Information provided

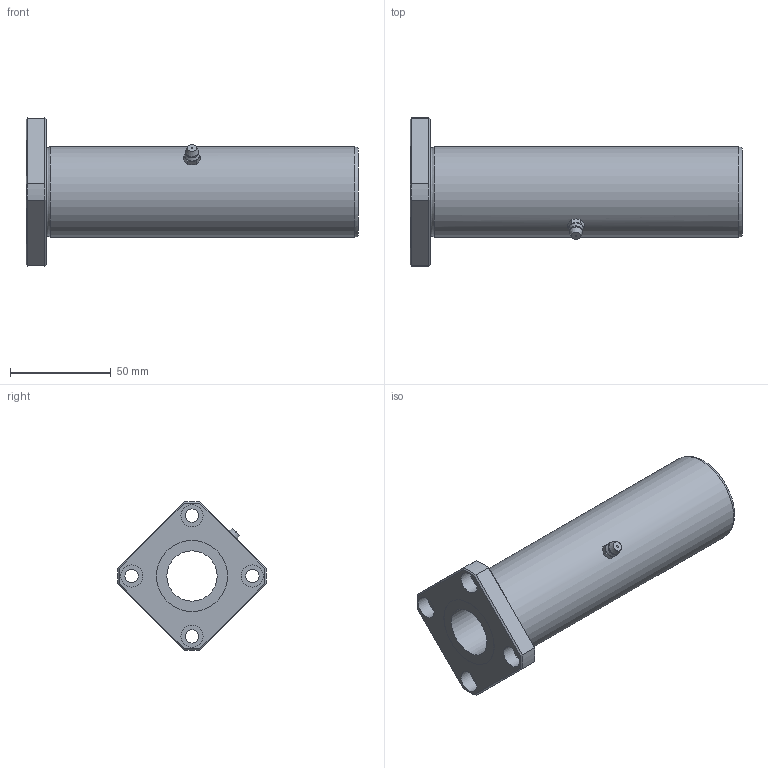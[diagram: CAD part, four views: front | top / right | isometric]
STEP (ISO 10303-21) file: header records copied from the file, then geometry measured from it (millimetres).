
FILE_DESCRIPTION((''),'2;1');
FILE_NAME('D:\製品 (図面)\カタログ用3D\リニアベアリング関連\STEP形式\LFLK\LFLK25.stp','2010-06-04T09:09:14',('Tsuchiya'),(''),'Autodesk Inventor 10','Autodesk Inventor 10','');
FILE_SCHEMA(('AUTOMOTIVE_DESIGN { 1 0 10303 214 1 1 1 1 }'));
Length unit declared in the file: millimetre
Products named in the file (1): LFLK25
Bounding box: 165 x 73.95 x 73.95 mm (x, y, z)
Volume: 195442.2 mm3; surface area: 43579 mm2
Topology: 1 solids, 1 shells, 76 faces, 159 edges, 94 vertices
Faces by surface type: plane 31, cone 21, cylinder 18, bspline 3, sphere 2, torus 1
Full cylindrical faces by diameter (mm): 6.6 x4, 11 x4, 25 x1, 35.3 x2, 45 x1
Entity records: 2171 total; most frequent: CARTESIAN_POINT 657, DIRECTION 310, ORIENTED_EDGE 280, EDGE_CURVE 140, AXIS2_PLACEMENT_3D 138, EDGE_LOOP 114, VERTEX_POINT 92, FACE_OUTER_BOUND 76

Task brief
Output an exact copy of the lines from the one holding "STEP (ISO 10303-21)" to the last line of the data, inclusive, and nothing beyond that range.

Output of the exercise
STEP (ISO 10303-21) file: header records copied from the file, then geometry measured from it (millimetres).
FILE_DESCRIPTION((''),'2;1');
FILE_NAME('D:\製品 (図面)\カタログ用3D\リニアベアリング関連\STEP形式\LFLK\LFLK25.stp','2010-06-04T09:09:14',('Tsuchiya'),(''),'Autodesk Inventor 10','Autodesk Inventor 10','');
FILE_SCHEMA(('AUTOMOTIVE_DESIGN { 1 0 10303 214 1 1 1 1 }'));
Length unit declared in the file: millimetre
Products named in the file (1): LFLK25
Bounding box: 165 x 73.95 x 73.95 mm (x, y, z)
Volume: 195442.2 mm3; surface area: 43579 mm2
Topology: 1 solids, 1 shells, 76 faces, 159 edges, 94 vertices
Faces by surface type: plane 31, cone 21, cylinder 18, bspline 3, sphere 2, torus 1
Full cylindrical faces by diameter (mm): 6.6 x4, 11 x4, 25 x1, 35.3 x2, 45 x1
Entity records: 2171 total; most frequent: CARTESIAN_POINT 657, DIRECTION 310, ORIENTED_EDGE 280, EDGE_CURVE 140, AXIS2_PLACEMENT_3D 138, EDGE_LOOP 114, VERTEX_POINT 92, FACE_OUTER_BOUND 76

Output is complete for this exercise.